Проблема, во-первых, в том, что сеть центров у нас редкая. Для 100-тысячных и более крупных городов расчетное среднее расстояние ближайшего соседства превышает 300 км. Даже в Центральном федеральном округе - более 100 км. Без МСР (с 44% городов округа) это 160 км. В ядре Евросоюза вдвое меньше: 80 км, от 45 в Нидерландах до 115 во Франции. Какая разница, 80 или 160? Немалая! Радиус рядовых агломерационных зон составляет от 25-30 до 50-60 км, в среднем примерно 40. Поэтому в зарубежной Европе они сомкнутся на прямой линии между городами-ядрами. В центре России половина пути в 160 км остаётся вне агломераций, очагов концентрации населения и развития, а люди в этих промежутках живут. Но как же США, Китай, другие обширные страны, где большие города разделяют не менее 100-150 км? Тут очень важен транспорт. Высокоскоростное наземное движение у нас есть между Москвой и Петербургом и мало где ещё; воздушное с 1990 г. тоже сжалось к столичному узлу (Тархов 2018). Так что первая причина -разреженность городского социально-экономического пространства. Так, в Центральном

районе вне МСР не хватает как минимум 10 больших городов, а в освоенной части всей Европейской России - 64 городов (Нефедова 2013 :300).

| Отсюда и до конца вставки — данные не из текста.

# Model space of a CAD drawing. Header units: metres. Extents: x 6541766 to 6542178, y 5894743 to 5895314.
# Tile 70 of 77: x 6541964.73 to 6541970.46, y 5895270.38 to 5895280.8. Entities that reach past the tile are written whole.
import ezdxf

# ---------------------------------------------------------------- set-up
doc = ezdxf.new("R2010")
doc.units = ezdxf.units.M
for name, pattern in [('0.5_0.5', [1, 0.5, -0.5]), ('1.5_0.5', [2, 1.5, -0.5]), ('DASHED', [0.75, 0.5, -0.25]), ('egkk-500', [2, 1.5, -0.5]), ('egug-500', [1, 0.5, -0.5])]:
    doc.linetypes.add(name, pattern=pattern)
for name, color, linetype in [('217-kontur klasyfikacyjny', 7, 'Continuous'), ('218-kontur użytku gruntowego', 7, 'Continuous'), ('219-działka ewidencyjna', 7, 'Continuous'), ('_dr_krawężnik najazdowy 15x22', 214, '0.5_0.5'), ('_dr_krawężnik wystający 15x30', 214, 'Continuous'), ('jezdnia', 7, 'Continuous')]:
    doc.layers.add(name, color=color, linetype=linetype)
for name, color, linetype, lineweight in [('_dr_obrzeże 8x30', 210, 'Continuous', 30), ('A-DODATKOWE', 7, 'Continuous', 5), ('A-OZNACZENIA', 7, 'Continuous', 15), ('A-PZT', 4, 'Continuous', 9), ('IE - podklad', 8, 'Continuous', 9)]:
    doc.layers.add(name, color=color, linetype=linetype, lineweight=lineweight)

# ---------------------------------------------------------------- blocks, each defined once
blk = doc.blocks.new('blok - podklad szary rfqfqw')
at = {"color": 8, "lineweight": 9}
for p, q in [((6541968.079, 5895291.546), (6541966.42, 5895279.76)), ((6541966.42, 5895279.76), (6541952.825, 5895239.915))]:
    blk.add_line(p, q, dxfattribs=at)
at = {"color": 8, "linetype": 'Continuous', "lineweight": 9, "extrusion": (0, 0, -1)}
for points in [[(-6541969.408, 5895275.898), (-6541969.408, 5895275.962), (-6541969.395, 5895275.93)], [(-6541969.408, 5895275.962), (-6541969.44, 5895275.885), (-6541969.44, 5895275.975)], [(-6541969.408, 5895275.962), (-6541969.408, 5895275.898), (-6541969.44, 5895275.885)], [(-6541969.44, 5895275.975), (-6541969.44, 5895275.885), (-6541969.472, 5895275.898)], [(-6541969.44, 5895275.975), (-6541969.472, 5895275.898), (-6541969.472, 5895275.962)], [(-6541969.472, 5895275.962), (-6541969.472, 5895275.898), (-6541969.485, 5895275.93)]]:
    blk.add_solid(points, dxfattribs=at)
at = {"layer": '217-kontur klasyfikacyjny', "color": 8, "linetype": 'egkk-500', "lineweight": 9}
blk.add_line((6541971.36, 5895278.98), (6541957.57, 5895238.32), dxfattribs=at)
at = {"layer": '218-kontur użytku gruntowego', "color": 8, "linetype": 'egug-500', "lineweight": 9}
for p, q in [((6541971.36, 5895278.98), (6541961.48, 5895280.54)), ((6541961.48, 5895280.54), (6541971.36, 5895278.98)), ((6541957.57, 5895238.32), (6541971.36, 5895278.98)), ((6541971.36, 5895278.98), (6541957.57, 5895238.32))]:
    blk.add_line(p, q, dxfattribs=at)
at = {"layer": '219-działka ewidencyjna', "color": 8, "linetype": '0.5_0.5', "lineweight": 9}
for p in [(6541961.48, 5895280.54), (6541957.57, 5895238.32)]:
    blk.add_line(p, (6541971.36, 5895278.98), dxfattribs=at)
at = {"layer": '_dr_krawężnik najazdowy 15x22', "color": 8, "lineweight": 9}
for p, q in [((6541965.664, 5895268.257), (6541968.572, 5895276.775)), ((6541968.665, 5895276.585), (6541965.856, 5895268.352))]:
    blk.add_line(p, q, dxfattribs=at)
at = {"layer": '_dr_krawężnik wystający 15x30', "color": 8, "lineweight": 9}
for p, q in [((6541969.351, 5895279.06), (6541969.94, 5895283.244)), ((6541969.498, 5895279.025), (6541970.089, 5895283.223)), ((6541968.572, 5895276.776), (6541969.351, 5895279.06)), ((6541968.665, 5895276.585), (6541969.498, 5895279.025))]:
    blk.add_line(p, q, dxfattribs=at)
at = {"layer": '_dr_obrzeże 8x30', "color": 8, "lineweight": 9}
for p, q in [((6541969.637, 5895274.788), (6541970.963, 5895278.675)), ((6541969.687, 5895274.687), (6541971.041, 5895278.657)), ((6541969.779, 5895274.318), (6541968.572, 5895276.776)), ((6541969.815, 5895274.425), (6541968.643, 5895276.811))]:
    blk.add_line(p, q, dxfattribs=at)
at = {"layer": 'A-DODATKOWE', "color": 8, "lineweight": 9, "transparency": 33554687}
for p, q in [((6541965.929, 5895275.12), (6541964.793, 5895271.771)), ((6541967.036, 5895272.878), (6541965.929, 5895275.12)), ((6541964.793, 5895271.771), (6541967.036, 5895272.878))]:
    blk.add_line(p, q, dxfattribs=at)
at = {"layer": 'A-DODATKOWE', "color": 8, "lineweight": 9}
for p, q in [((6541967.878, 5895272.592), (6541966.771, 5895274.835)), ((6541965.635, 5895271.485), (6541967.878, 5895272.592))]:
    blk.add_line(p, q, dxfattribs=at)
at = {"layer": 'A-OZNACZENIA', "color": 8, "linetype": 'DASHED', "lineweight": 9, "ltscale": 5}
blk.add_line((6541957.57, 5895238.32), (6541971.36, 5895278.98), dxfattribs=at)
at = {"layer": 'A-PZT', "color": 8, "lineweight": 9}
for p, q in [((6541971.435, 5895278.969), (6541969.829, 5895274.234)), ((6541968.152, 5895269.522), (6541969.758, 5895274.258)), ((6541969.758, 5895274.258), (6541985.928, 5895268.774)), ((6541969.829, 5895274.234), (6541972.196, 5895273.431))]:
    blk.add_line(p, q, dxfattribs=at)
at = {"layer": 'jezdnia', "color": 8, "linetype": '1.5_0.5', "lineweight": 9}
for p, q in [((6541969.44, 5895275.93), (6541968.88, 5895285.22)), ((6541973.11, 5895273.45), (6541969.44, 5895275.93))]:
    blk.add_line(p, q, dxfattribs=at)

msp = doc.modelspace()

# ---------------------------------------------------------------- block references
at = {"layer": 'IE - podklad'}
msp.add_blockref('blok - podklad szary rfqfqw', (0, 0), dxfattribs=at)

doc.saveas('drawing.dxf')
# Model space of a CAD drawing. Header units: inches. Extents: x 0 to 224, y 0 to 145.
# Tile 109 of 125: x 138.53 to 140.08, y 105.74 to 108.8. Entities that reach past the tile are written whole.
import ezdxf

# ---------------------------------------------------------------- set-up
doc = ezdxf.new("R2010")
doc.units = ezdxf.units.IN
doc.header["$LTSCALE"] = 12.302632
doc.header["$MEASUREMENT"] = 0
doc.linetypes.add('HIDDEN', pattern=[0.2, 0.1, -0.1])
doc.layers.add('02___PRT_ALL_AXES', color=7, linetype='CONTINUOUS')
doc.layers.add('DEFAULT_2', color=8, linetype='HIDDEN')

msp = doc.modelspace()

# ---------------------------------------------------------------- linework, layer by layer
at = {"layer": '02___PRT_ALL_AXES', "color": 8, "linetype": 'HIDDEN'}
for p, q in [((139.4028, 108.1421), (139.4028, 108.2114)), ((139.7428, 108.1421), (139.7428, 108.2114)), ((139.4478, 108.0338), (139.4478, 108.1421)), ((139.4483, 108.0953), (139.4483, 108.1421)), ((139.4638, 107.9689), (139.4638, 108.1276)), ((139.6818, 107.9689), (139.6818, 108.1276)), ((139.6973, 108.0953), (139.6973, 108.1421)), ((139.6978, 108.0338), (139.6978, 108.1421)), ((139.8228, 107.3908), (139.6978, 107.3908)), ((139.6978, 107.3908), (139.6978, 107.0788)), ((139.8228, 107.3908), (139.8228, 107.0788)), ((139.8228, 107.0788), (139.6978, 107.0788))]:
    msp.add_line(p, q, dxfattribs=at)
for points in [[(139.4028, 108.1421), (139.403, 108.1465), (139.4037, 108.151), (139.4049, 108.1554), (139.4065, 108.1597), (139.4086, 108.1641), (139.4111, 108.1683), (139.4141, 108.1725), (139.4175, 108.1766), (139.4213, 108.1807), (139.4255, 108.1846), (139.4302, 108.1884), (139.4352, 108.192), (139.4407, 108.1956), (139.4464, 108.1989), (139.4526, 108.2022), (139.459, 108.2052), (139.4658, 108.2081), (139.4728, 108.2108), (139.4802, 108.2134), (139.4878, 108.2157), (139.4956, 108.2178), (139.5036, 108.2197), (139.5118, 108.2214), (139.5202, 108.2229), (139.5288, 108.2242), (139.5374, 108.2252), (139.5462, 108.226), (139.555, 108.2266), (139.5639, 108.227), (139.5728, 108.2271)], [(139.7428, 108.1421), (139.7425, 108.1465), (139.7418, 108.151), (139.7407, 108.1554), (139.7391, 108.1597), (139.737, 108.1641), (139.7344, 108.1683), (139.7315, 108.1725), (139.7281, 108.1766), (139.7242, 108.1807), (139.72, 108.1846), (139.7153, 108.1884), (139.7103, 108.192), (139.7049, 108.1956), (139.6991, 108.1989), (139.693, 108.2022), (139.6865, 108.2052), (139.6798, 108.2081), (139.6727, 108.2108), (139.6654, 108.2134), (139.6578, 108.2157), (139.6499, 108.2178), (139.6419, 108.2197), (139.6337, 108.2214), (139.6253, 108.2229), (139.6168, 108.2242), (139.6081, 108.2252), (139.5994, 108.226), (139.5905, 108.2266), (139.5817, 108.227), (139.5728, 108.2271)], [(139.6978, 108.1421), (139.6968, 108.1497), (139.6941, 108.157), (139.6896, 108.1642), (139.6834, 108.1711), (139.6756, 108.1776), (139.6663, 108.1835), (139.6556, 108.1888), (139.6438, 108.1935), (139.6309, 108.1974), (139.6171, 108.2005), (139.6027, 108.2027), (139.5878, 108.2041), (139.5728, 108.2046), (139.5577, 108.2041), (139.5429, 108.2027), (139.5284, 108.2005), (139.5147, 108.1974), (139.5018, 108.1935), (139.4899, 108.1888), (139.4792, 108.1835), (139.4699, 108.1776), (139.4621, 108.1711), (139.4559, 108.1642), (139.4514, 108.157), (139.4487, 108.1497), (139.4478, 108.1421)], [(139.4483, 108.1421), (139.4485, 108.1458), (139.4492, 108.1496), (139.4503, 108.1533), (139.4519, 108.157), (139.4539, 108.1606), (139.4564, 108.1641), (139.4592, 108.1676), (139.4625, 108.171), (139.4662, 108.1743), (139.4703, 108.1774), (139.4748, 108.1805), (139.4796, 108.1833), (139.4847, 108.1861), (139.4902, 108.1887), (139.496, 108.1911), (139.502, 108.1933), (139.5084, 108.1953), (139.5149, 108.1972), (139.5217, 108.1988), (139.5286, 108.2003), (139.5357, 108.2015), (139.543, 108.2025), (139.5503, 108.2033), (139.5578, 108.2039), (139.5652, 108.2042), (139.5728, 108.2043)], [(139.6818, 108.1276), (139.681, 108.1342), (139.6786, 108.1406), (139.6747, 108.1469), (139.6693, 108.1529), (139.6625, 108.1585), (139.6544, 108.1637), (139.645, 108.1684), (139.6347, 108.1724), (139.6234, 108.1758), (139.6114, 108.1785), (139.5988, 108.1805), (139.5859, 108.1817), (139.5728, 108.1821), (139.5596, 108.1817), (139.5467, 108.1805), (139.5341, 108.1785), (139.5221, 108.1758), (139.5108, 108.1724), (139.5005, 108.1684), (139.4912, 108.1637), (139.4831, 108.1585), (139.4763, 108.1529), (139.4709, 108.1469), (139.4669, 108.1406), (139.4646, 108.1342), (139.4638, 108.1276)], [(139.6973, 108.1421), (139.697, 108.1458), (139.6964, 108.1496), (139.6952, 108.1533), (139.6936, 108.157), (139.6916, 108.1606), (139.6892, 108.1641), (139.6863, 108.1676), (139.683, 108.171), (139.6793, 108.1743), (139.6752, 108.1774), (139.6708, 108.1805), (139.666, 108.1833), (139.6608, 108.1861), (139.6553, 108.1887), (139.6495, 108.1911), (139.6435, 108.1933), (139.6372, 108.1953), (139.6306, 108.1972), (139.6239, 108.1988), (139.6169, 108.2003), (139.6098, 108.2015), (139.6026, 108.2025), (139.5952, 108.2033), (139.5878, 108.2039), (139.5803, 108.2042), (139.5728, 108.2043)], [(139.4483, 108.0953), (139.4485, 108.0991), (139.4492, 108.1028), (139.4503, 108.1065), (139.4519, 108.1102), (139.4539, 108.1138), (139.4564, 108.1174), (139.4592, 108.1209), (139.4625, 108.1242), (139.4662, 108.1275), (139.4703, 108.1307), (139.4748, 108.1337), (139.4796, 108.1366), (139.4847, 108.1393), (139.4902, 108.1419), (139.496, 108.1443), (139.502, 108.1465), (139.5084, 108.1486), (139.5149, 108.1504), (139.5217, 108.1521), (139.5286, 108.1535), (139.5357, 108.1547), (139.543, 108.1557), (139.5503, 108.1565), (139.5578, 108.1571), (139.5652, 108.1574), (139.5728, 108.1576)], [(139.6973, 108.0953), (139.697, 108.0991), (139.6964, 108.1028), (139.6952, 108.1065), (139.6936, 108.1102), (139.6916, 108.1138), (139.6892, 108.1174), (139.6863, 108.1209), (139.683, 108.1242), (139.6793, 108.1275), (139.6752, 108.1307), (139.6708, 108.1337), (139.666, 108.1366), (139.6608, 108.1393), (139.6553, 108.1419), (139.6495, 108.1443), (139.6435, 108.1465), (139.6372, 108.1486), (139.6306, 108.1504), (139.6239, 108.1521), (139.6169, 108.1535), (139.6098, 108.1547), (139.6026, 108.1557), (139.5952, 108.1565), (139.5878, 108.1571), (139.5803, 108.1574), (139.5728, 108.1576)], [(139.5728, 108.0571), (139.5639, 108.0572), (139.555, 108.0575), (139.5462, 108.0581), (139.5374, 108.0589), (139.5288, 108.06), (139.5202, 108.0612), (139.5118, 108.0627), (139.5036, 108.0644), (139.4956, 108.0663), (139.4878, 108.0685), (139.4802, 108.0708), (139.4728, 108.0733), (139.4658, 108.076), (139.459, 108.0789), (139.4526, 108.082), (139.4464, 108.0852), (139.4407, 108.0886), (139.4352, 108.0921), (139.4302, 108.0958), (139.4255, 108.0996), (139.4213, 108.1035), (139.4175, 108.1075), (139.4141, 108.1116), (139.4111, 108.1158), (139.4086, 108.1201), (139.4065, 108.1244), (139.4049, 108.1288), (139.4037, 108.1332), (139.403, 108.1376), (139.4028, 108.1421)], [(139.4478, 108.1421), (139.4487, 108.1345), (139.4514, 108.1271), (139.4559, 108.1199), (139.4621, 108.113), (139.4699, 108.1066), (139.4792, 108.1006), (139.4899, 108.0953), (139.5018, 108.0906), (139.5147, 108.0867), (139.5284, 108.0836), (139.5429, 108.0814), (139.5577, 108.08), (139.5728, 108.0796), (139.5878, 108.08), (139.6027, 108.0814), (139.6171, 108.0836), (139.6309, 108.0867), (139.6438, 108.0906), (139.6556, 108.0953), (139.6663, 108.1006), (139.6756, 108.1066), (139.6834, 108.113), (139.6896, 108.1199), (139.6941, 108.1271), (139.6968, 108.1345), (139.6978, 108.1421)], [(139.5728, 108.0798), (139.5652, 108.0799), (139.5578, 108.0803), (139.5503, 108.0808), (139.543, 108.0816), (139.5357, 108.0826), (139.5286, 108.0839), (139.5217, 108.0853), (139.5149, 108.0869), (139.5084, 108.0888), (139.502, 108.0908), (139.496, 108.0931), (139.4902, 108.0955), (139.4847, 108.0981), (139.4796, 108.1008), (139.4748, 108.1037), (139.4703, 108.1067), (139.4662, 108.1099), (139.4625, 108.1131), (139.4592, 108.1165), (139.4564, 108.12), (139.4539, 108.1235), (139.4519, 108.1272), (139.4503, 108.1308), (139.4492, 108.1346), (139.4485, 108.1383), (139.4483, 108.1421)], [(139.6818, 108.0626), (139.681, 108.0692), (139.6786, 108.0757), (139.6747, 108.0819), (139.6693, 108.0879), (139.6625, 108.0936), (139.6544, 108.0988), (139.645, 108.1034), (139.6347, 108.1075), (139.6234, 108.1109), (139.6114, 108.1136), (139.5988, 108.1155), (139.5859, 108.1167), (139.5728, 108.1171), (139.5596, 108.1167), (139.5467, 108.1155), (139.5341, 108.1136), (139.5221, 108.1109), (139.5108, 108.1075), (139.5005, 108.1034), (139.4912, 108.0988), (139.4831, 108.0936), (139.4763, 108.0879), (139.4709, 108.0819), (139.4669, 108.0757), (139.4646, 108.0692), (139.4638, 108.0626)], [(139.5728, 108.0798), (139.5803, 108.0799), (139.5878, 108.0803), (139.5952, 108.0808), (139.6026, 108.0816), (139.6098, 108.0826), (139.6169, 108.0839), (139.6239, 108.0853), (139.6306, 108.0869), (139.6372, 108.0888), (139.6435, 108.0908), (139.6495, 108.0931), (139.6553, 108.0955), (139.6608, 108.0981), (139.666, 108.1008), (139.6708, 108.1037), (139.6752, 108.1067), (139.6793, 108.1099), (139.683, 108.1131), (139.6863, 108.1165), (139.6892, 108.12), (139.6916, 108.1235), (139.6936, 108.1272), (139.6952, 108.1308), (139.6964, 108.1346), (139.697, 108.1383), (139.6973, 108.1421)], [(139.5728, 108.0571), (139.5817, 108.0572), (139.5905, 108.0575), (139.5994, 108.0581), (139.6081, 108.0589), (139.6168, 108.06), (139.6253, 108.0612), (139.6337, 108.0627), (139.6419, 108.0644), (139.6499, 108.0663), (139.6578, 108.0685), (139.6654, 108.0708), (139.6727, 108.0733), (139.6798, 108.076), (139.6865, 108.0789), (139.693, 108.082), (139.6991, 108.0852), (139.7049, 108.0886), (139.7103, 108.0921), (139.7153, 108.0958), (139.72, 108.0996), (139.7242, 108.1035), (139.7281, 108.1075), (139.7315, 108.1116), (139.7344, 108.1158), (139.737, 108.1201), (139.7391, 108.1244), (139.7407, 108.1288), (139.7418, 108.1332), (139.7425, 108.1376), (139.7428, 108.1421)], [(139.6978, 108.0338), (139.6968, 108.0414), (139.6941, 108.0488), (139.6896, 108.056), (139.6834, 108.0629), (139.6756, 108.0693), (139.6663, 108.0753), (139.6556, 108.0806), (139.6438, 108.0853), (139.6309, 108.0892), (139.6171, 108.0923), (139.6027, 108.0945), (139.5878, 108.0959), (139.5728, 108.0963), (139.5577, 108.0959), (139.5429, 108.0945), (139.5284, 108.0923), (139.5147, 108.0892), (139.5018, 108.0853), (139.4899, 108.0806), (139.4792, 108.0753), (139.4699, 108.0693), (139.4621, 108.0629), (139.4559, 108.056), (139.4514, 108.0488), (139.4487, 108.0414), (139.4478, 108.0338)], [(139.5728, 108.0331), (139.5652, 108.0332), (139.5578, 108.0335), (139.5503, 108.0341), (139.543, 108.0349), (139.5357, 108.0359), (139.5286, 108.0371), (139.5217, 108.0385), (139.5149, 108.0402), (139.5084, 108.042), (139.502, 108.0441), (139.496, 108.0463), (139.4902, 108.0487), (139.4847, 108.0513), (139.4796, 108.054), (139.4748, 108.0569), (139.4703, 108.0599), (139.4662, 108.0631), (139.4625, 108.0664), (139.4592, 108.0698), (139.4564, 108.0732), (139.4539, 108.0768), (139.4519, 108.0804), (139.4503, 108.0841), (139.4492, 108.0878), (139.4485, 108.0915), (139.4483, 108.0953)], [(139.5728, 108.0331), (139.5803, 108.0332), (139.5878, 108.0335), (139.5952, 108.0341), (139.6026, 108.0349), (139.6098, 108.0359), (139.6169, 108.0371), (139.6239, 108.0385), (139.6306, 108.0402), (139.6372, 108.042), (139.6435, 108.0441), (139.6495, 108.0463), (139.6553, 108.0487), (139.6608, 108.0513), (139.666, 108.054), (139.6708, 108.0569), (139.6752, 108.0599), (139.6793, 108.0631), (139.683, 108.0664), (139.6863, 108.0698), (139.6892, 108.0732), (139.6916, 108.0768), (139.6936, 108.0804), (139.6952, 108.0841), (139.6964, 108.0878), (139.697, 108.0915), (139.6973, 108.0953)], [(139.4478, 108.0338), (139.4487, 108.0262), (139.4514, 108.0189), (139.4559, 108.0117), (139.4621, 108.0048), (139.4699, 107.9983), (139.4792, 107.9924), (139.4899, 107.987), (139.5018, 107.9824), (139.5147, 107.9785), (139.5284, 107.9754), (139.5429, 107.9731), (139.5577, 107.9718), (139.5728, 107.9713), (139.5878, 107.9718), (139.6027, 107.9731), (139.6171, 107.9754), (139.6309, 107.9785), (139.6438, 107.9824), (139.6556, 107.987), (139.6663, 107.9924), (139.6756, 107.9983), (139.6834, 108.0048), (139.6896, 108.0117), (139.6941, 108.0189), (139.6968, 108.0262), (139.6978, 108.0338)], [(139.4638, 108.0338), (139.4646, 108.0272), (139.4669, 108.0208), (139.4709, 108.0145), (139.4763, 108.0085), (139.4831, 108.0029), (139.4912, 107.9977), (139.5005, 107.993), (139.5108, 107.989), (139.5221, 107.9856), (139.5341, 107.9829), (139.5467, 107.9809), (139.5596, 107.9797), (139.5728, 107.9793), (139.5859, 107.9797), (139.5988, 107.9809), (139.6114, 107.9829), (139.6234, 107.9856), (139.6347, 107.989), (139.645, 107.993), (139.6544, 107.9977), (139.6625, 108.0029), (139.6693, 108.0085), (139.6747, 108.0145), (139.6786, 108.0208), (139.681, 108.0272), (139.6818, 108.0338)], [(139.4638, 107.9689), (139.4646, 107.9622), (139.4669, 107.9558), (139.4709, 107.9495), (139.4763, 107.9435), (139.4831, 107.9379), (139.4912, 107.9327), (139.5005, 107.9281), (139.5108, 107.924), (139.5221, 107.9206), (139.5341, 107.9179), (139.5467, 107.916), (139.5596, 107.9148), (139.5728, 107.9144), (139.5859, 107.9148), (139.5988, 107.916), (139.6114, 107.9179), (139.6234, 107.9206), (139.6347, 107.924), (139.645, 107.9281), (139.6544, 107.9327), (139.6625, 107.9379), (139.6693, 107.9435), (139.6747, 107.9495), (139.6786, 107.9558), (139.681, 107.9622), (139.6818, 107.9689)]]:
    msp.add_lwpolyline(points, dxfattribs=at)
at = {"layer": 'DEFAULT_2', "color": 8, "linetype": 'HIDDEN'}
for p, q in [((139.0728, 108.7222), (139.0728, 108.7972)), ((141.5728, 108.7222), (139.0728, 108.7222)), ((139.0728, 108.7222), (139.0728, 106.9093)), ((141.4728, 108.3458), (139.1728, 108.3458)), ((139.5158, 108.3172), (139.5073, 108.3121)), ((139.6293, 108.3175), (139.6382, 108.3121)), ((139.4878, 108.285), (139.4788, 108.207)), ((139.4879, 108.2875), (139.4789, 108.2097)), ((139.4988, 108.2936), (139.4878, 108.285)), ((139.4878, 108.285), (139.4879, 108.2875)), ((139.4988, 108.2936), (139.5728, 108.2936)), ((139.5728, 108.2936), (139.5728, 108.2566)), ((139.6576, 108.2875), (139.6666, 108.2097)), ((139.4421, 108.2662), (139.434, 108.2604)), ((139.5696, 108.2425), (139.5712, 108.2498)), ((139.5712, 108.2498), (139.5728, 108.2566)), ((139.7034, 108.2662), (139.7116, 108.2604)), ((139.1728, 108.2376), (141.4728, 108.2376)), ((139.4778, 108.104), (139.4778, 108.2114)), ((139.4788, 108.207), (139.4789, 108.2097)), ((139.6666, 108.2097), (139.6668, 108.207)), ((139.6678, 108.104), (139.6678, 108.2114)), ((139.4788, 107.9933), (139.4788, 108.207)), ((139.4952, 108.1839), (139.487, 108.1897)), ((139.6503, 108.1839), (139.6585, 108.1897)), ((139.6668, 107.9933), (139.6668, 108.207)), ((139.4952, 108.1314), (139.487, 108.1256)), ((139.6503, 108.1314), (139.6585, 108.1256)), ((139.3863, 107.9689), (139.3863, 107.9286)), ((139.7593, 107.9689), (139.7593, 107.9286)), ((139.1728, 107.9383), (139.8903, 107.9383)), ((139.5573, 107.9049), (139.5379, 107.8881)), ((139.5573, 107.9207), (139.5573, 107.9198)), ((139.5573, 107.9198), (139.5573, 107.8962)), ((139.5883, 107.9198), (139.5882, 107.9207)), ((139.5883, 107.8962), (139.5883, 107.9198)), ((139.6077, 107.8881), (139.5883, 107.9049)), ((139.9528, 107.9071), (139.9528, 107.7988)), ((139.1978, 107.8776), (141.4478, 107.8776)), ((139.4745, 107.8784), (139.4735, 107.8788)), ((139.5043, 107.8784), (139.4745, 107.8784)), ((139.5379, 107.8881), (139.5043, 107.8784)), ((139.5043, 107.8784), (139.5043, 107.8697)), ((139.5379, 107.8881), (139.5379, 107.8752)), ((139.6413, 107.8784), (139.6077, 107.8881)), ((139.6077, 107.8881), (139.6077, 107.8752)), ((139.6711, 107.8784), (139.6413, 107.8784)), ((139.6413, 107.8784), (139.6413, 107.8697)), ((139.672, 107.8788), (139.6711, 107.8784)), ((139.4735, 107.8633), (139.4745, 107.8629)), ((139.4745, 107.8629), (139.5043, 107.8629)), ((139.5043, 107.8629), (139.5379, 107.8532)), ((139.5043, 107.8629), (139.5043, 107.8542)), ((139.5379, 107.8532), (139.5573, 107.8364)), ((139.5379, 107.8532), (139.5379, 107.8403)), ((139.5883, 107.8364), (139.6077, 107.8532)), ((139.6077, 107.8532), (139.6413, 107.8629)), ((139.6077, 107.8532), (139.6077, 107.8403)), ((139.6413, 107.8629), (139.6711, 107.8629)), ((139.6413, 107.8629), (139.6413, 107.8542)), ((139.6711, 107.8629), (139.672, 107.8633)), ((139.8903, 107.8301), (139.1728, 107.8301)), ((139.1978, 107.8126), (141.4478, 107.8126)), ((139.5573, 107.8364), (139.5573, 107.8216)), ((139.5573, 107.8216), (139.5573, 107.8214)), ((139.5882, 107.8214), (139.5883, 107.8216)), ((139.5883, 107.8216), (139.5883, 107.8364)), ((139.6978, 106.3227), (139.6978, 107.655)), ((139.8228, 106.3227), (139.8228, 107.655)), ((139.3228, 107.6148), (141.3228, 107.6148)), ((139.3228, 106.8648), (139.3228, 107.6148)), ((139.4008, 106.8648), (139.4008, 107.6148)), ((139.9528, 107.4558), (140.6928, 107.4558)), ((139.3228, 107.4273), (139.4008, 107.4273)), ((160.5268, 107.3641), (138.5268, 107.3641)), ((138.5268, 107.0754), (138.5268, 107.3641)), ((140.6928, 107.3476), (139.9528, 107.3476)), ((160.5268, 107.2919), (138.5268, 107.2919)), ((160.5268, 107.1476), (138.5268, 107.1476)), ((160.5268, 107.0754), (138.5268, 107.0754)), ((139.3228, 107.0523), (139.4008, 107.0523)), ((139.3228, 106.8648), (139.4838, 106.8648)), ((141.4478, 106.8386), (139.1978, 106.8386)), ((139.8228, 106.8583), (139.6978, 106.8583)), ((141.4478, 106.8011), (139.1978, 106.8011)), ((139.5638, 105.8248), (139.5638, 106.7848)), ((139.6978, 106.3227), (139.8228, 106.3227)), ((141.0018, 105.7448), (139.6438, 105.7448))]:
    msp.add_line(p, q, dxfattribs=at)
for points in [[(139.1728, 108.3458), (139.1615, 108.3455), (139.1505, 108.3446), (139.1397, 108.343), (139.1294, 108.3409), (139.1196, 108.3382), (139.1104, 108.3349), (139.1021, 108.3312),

Вторая проблема - это централизация управления, о которой уже шла речь, а также особая роль административной и столичной ренты, следствия концентрации элит и выгод для бизнеса, политических, творческих и прочих карьер, даже для рядовой жизни, связанных с близостью к центрам принятия решений (Зубаревич 2012). Пока это так, в регионах будут расти в основном их центры, а в стране в целом - МСР.

Третья причина в том, что с некоторых пор Россия не совсем повторяет западные стадии урбанизации и может не дождаться её разворота. Массовая дезурбанизация наряду со стягиванием в города постоянных жителей у нас давно идёт в особом дачном виде или, как говорят западные коллеги, на базе второго дома (Roca 2013 и др.). Это связано с сезонностью климата, глубиной дачной традиции, теснотой городских квартир и широтой функций наших дач, включая чуждую западным странам подсобно-аграрную для самоснабжения, если продукты дефицитны или резко дорожают (Нефедова, Аверкиева, Махрова 2016). Дача - это и жилая, земельная недвижимость, т. е. собственность, отдых с близостью к природе, место для основных или альтернативных занятий (хобби) в иной среде, убежище от сует, ритмов и рисков мегаполиса6.

Россия - дачный чемпион мира в абсолютном и даже в относительном зачете, хотя доля дачников почти так же велика в постсоветских и Скандинавских странах. Многим же другим, в том числе крупнейшим, явление малознакомо или незнакомо совсем. У нас нет полной статистики всех дач, не только в садовых и дачных товариществах, коттеджных посёлках, но и покупных или наследных владений горожан в сельских и малых городских поселениях. По оценкам, дачей того или иного типа обладают не менее 50% городских семей. Однако наша страна, увы, не лидер мирового «дачеведения» (Трейвиш 2014).

Второй вариант, ещё более радикальный в отношении слабеющей периферии, — ускорение сжатия хотя бы ради экономии бюджетных средств. Разновидность этой линии - ставка на развитие только крупных агломераций, ведь периферия-то безнадежна и никому не нужна. С трибун так не говорят, но в кабинетах могут думать, и это роднит их обитателей с «зелёными» экстремистами. Пусть уж лучше туда вернётся дикая природа, создадим особо охраняемые территории, они усилят позиции России как великой экологической державы, донора всея планеты. Хотя этот актив слабо капитализирован, экономически малозначим, что-то меняется (начиная с Киотского протокола), и дело, видимо, идет к тому, что на природном капитале и экоуслугах можно будет зарабатывать.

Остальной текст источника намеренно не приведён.